THE TASK ::
On every line of the listing, check for "under"; copy the lines that have it.

SUPPLIED ENTRIES ::
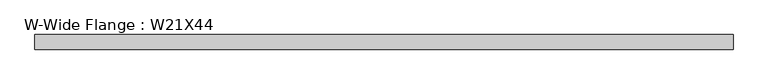
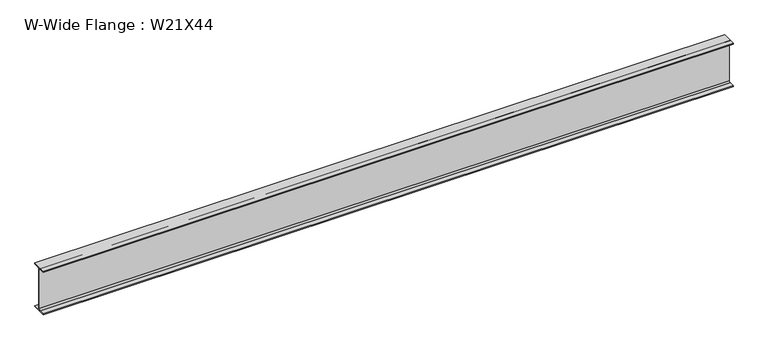
"""IFC4 building model written with IfcOpenShell, lengths in millimetres: beam geometry, W-Wide Flange : W21X44."""

from ifc_helpers import new_model, si_unit, point, frame, frame_2d, origin, place, context, project, spatial, polyline, circle_curve, trimmed, segment, composite_curve, outline, extrude, source, transform, mapped, element, save


def w_wide_flange_w21x44_476cda67(model_context):
    return source(origin(), model_context, "Body", "SweptSolid", [
        extrude(outline(composite_curve([segment(polyline([(82.55, -251.46), (82.55, -262.89), (-82.55, -262.89), (-82.55, -251.46), (-21.59, -251.46)]), True, "CONTINUOUS"), segment(trimmed(circle_curve(frame_2d((-21.59, -234.315)), 17.145), [point((-21.59, -251.46))], [point((-4.445, -234.315))], True, "CARTESIAN"), True, "CONTINUOUS"), segment(polyline([(-4.445, -234.315), (-4.445, 234.315)]), True, "CONTINUOUS"), segment(trimmed(circle_curve(frame_2d((-21.59, 234.315)), 17.145), [point((-4.445, 234.315))], [point((-21.59, 251.46))], True, "CARTESIAN"), True, "CONTINUOUS"), segment(polyline([(-21.59, 251.46), (-82.55, 251.46), (-82.55, 262.89), (82.55, 262.89), (82.55, 251.46), (21.59, 251.46)]), True, "CONTINUOUS"), segment(trimmed(circle_curve(frame_2d((21.59, 234.315)), 17.145), [point((21.59, 251.46))], [point((4.445, 234.315))], True, "CARTESIAN"), True, "CONTINUOUS"), segment(polyline([(4.445, 234.315), (4.445, -234.315)]), True, "CONTINUOUS"), segment(trimmed(circle_curve(frame_2d((21.59, -234.315)), 17.145), [point((4.445, -234.315))], [point((21.59, -251.46))], True, "CARTESIAN"), True, "CONTINUOUS"), segment(polyline([(21.59, -251.46), (82.55, -251.46)]), True, "CONTINUOUS")], self_intersect=False)), frame((-3902.8048239, 0.0, 0.0), z_axis=(1.0, 0.0, 0.0), x_axis=(0.0, 1.0, 0.0)), (0.0, 0.0, 1.0), 7866.3129601),
    ])


if __name__ == "__main__":
    model = new_model("IFC4")
    model_context = context("Model", 3, world=origin())
    ifc_project = project(units=[si_unit("LENGTHUNIT", "METRE", prefix="MILLI")], contexts=[model_context])
    site = spatial("IfcSite", under=ifc_project)
    building = spatial("IfcBuilding", under=site)
    placement = place(None, origin())
    w_wide_flange_w21x44_shape = w_wide_flange_w21x44_476cda67(model_context)
    element("IfcBeam", 1, ObjectType="W-Wide Flange : W21X44", at=placement, inside=building, context=model_context, shape_type="MappedRepresentation", body=[
        mapped(w_wide_flange_w21x44_shape, transform((0.0, 0.0, 0.0), x_axis=(1.0, 0.0, 0.0), y_axis=(0.0, 1.0, 0.0), z_axis=(0.0, 0.0, 1.0))),
    ])
    save(model, "model.ifc")

# Revit data of these elements
# Type "W-Wide Flange : W21X44"
#   Assembly Code = "B10"
#   W = 44
#   Length [instance default] = 1524 mm
#   bf = 165.1 mm
#   d = 525.78 mm
#   k = 28.575 mm
#   k2 = 17.145 mm
#   tf = 11.43 mm
#   tw = 8.89 mm
#   A = 0.00838708 m²
#   Structural Material [instance default] = Steel ASTM A992
# Element 1 (IfcBeam, "W-Wide Flange : W21X44")
#   Structural Material = Aluminum, Anodized Red
#   Materials on its faces: "Aluminum, Anodized Red"
# Materials
#   "Steel ASTM A992": class "Metal", colour RGB 128 0 0, transparency 0, Description = "Structural steel 50ksi", Cost = 0
#   "Aluminum, Anodized Red": class "Metal", colour RGB 120 120 120, transparency 0, Description = "Anodized aluminum, red", Cost = 0

SOLVED PROBLEM ::
    site = spatial("IfcSite", under=ifc_project)
    building = spatial("IfcBuilding", under=site)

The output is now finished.